Recorrimos Siena y sus interminables filas de casas viejas como un laberinto digno de otro mundo. Con su color a piedra amarronado y su duomo. Deseé tanto saber italiano cuando paramos por algunas librerías modernas abarrotadas de libros de cocina y de historia del arte y de la arquitectura. Comimos chocolates y compramos tartufos, yo incluso compré aceite de tartufo y hasta calcetines con olor a trufas, quería llevarme todos los hongos italianos que pudiera comprar aunque no fueran los originales que son impagables.
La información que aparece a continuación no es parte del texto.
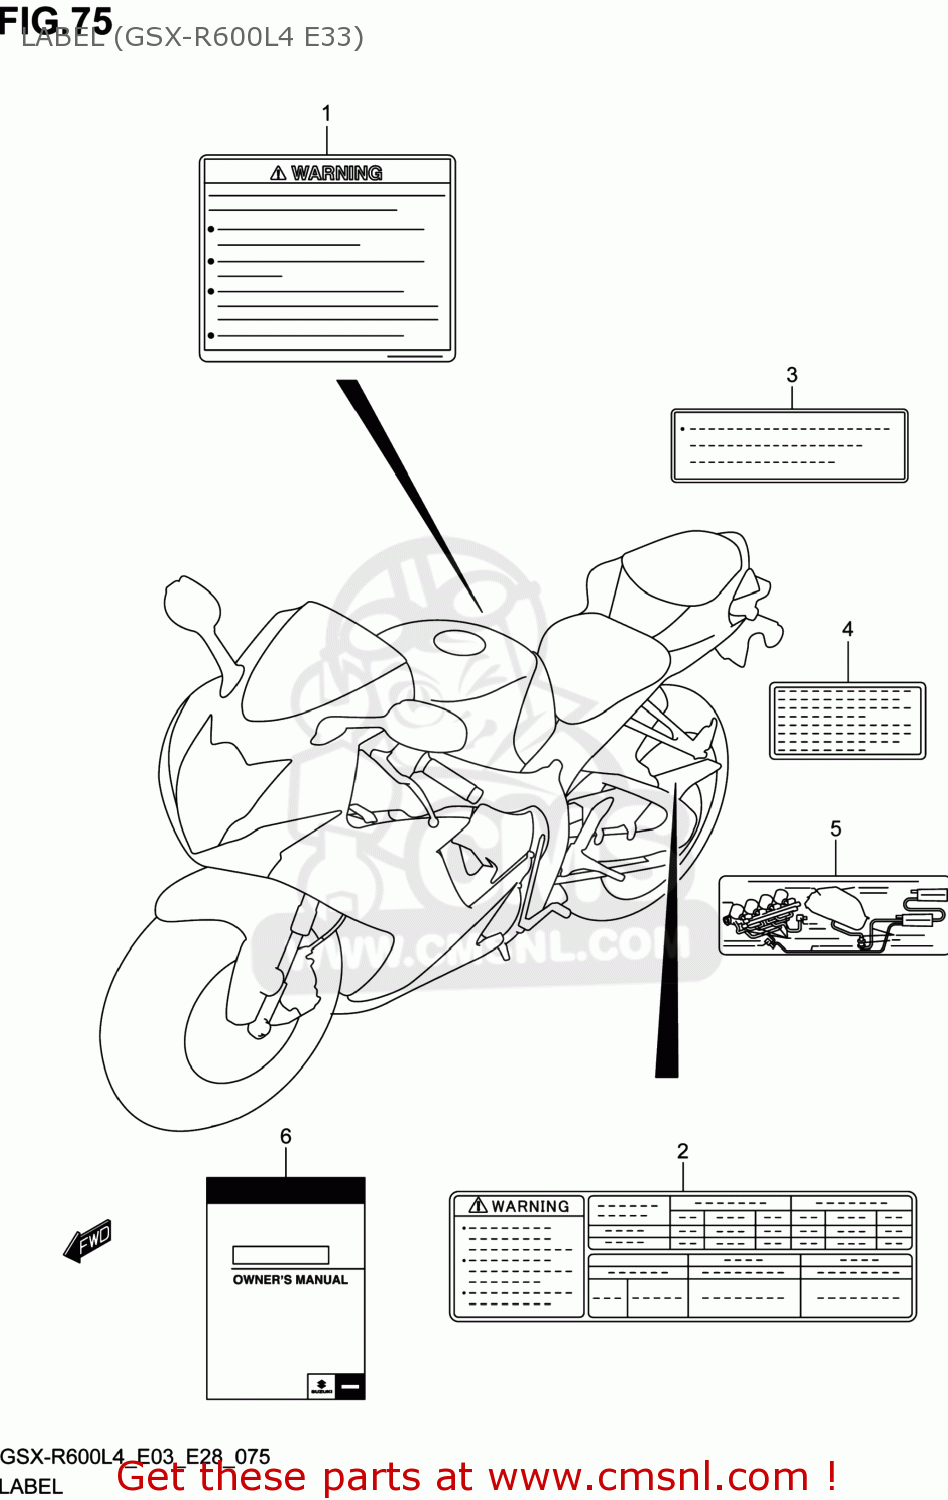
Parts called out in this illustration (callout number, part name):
1	LABEL,GENERAL WARNING
2	LABEL,TIRE INFORMATION
3	LABEL,FUEL INFORMATION
4	LABEL,MANUAL NOTICE
5	LABEL,VACUUM HOSE ROUTING
6	MANUAL,OWNER'S

Pero lo que se robó mi corazón fue aprender a cocinar en la casa de Mamma Nora. Allí estuvimos una tarde completa aprendiendo a hacer pasta, tiramisú, el famoso pici y una tarta rara con calabacitas y mucho queso. La abuela Nora y su hija tenían sus propias verduras sembradas en el huerto y de ello hicimos maravillas junto a un grupo de extranjeros con los que cenamos y bailamos al final de la noche. Dicen que en esta vida existen las personas de ciudad, las de mar y las de campo, definitivamente entro en el último grupo, porque siempre disfruto el verde de la naturaleza, los prados y los animales domésticos, las mermeladas caseras y la vida sencilla y poco pretenciosa del campo. Por eso cuando llegué a Florencia y recorrí sus calles, lo disfruté, pero no tanto como cuando estuve en la campiña. Iría muchas veces a la Toscana porque me enseñó que el mundo es demasiado grande como para vivir toda la vida en el mismo lugar.